YOUR OBJECTIVE:
Reproduce the lines below exactly, starting at the one containing "(6823.27, -5729.67)), ('Dlážděná" and stopping at the final line.

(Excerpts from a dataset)
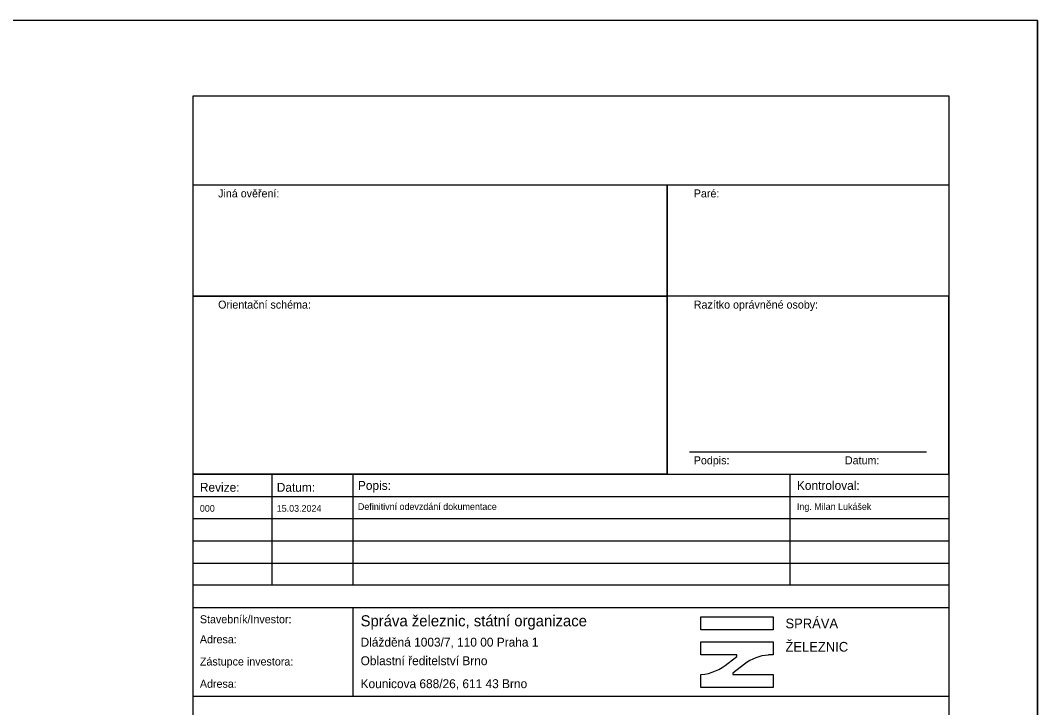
# Model space of a CAD drawing. Extents: x 2343 to 7744, y -5890 to 2050.
# Drawn here: x 6651.2 to 6880, y -5747.5 to -5593 of the extents above; entities that cross this region are included whole.
import ezdxf

# ---------------------------------------------------------------- set-up
doc = ezdxf.new("R2010")
doc.units = 0
for name, color, linetype in [('Default', 7, 'Continuous'), ('Rozpiska_Logo', 7, 'Continuous'), ('Rozpiska_pola_3', 7, 'Continuous'), ('Rozpiska_pole_1', 7, 'Continuous'), ('Rozpiska_pole_2', 7, 'Continuous'), ('Rozpiska_pole_4', 7, 'Continuous'), ('Rozpiska_pole_5', 7, 'Continuous'), ('Rozpiska_pole_6', 7, 'Continuous'), ('Vrstva 50', 7, 'Continuous')]:
    doc.layers.add(name, color=color, linetype=linetype)

msp = doc.modelspace()

# ---------------------------------------------------------------- linework, layer by layer
at = {"layer": 'Default'}
for p, q in [((6880, -5593), (6880, -5890)), ((6796.65, -5695), (6796.65, -5630))]:
    msp.add_line(p, q, dxfattribs=at)
at = {"layer": 'Rozpiska_Logo'}
for p, q in [((6810.4, -5737.47), (6812.34, -5736.01)), ((6812.34, -5736.01), (6812.34, -5735.66)), ((6814.03, -5737.74), (6811.42, -5739.76)), ((6811.42, -5739.76), (6811.42, -5740.07))]:
    msp.add_line(p, q, dxfattribs=at)
msp.add_lwpolyline([(6804.22, -5727.09), (6820.52, -5727.09), (6820.52, -5730.02), (6804.22, -5730.02)], close=True, dxfattribs=at)
for points in [[(6812.34, -5735.66), (6804.22, -5735.66), (6804.22, -5732.73), (6820.52, -5732.73), (6820.52, -5735.66), (6819.44, -5735.66)], [(6811.42, -5740.07), (6820.52, -5740.07), (6820.52, -5743), (6804.22, -5743), (6804.22, -5740.07), (6804.28, -5740.07)]]:
    msp.add_lwpolyline(points, dxfattribs=at)
for centre, radius, start, end in [((6820.18, -5745.68), 10.04, 94.2142, 127.7808), ((6803.44, -5729.58), 10.52, 274.6014, 311.4254)]:
    msp.add_arc(centre, radius, start, end, dxfattribs=at)
at = {"layer": 'Rozpiska_pola_3'}
msp.add_line((6801.65, -5690), (6855, -5690), dxfattribs=at)
at = {"layer": 'Rozpiska_pole_1'}
msp.add_lwpolyline([(6690, -5610), (6860, -5610), (6860, -5875), (6690, -5875)], close=True, dxfattribs=at)
at = {"layer": 'Rozpiska_pole_2'}
for points in [[(6690, -5630), (6796.65, -5630), (6796.65, -5655), (6690, -5655)], [(6796.65, -5630), (6860, -5630), (6860, -5655), (6796.65, -5655)], [(6690, -5655), (6796.65, -5655), (6796.65, -5695), (6690, -5695)], [(6860, -5655), (6796.65, -5655), (6796.65, -5695), (6860, -5695)]]:
    msp.add_lwpolyline(points, close=True, dxfattribs=at)
at = {"layer": 'Rozpiska_pole_4'}
for p, q in [((6707.78, -5720), (6707.78, -5695)), ((6726.05, -5720), (6726.05, -5695)), ((6824.3, -5720), (6824.3, -5695)), ((6690, -5700), (6860, -5700)), ((6690, -5705), (6860, -5705)), ((6690, -5710), (6860, -5710)), ((6690, -5715), (6860, -5715))]:
    msp.add_line(p, q, dxfattribs=at)
msp.add_lwpolyline([(6690, -5695), (6860, -5695), (6860, -5720), (6690, -5720)], close=True, dxfattribs=at)
at = {"layer": 'Rozpiska_pole_5'}
msp.add_line((6726.05, -5745), (6726.05, -5725), dxfattribs=at)
msp.add_lwpolyline([(6690, -5725), (6860, -5725), (6860, -5745), (6690, -5745)], close=True, dxfattribs=at)
at = {"layer": 'Vrstva 50'}
msp.add_lwpolyline([(5620, -5890), (6880, -5890), (6880, -5593), (5620, -5593)], close=True, dxfattribs=at)

# ---------------------------------------------------------------- texts
at = {"layer": 'Rozpiska_pola_3'}
for s, p in [('Paré:', (6802.65, -5632.8)), ('Razítko oprávněné osoby:', (6802.65, -5657.8)), ('Podpis:', (6802.65, -5692.8)), ('Datum:', (6836.65, -5692.8))]:
    msp.add_text(s, height=1.8, dxfattribs=at).set_placement(p)
at = {"layer": 'Rozpiska_pole_2'}
for s, p in [('Jiná ověření:', (6695.65, -5632.8)), ('Orientační schéma:', (6695.65, -5657.8))]:
    msp.add_text(s, height=1.8, dxfattribs=at).set_placement(p)
at = {"layer": 'Rozpiska_pole_4'}
for s, height, p in [('Revize:', 2, (6691.55, -5698.97)), ('Datum:', 2, (6708.84, -5698.97)), ('Popis:', 2, (6727.1, -5698.55)), ('Kontroloval:', 2, (6825.85, -5698.55)), ('000', 1.5, (6691.55, -5703.47)), ('15.03.2024', 1.5, (6708.84, -5703.47)), ('Definitivní odevzdání dokumentace', 1.5, (6727.1, -5703.05)), ('Ing. Milan Lukášek', 1.5, (6825.85, -5703.05))]:
    msp.add_text(s, height=height, dxfattribs=at).set_placement(p)
at = {"layer": 'Rozpiska_pole_5'}
for s, height, p in [('Stavebník/Investor:', 1.8, (6691.55, -5728.53)), ('Správa železnic, státní organizace', 2.5, (6727.7, -5729.23)), ('Adresa:', 1.8, (6691.55, -5733.03)), ('Zástupce investora:', 1.8, (6691.55, -5738.03)), ('Adresa:', 1.8, (6691.55, -5743.03))]:
    msp.add_text(s, height=height, dxfattribs=at).set_placement(p)
at = {"layer": 'Rozpiska_pole_6'}
for s, height, p in [('SPRÁVA', 2.183, (6823.27, -5729.67)), ('Dlážděná 1003/7, 110 00 Praha 1', 2, (6727.7, -5733.78)), ('ŽELEZNIC', 2.183, (6823.27, -5734.91)), ('Oblastní ředitelství Brno', 2, (6727.7, -5737.96)), ('Kounicova 688/26, 611 43 Brno', 2, (6727.7, -5743.12))]:
    msp.add_text(s, height=height, dxfattribs=at).set_placement(p)

doc.saveas('drawing.dxf')

EXERCISE ANSWER:
for s, height, p in [('SPRÁVA', 2.183, (6823.27, -5729.67)), ('Dlážděná 1003/7, 110 00 Praha 1', 2, (6727.7, -5733.78)), ('ŽELEZNIC', 2.183, (6823.27, -5734.91)), ('Oblastní ředitelství Brno', 2, (6727.7, -5737.96)), ('Kounicova 688/26, 611 43 Brno', 2, (6727.7, -5743.12))]:
    msp.add_text(s, height=height, dxfattribs=at).set_placement(p)

doc.saveas('drawing.dxf')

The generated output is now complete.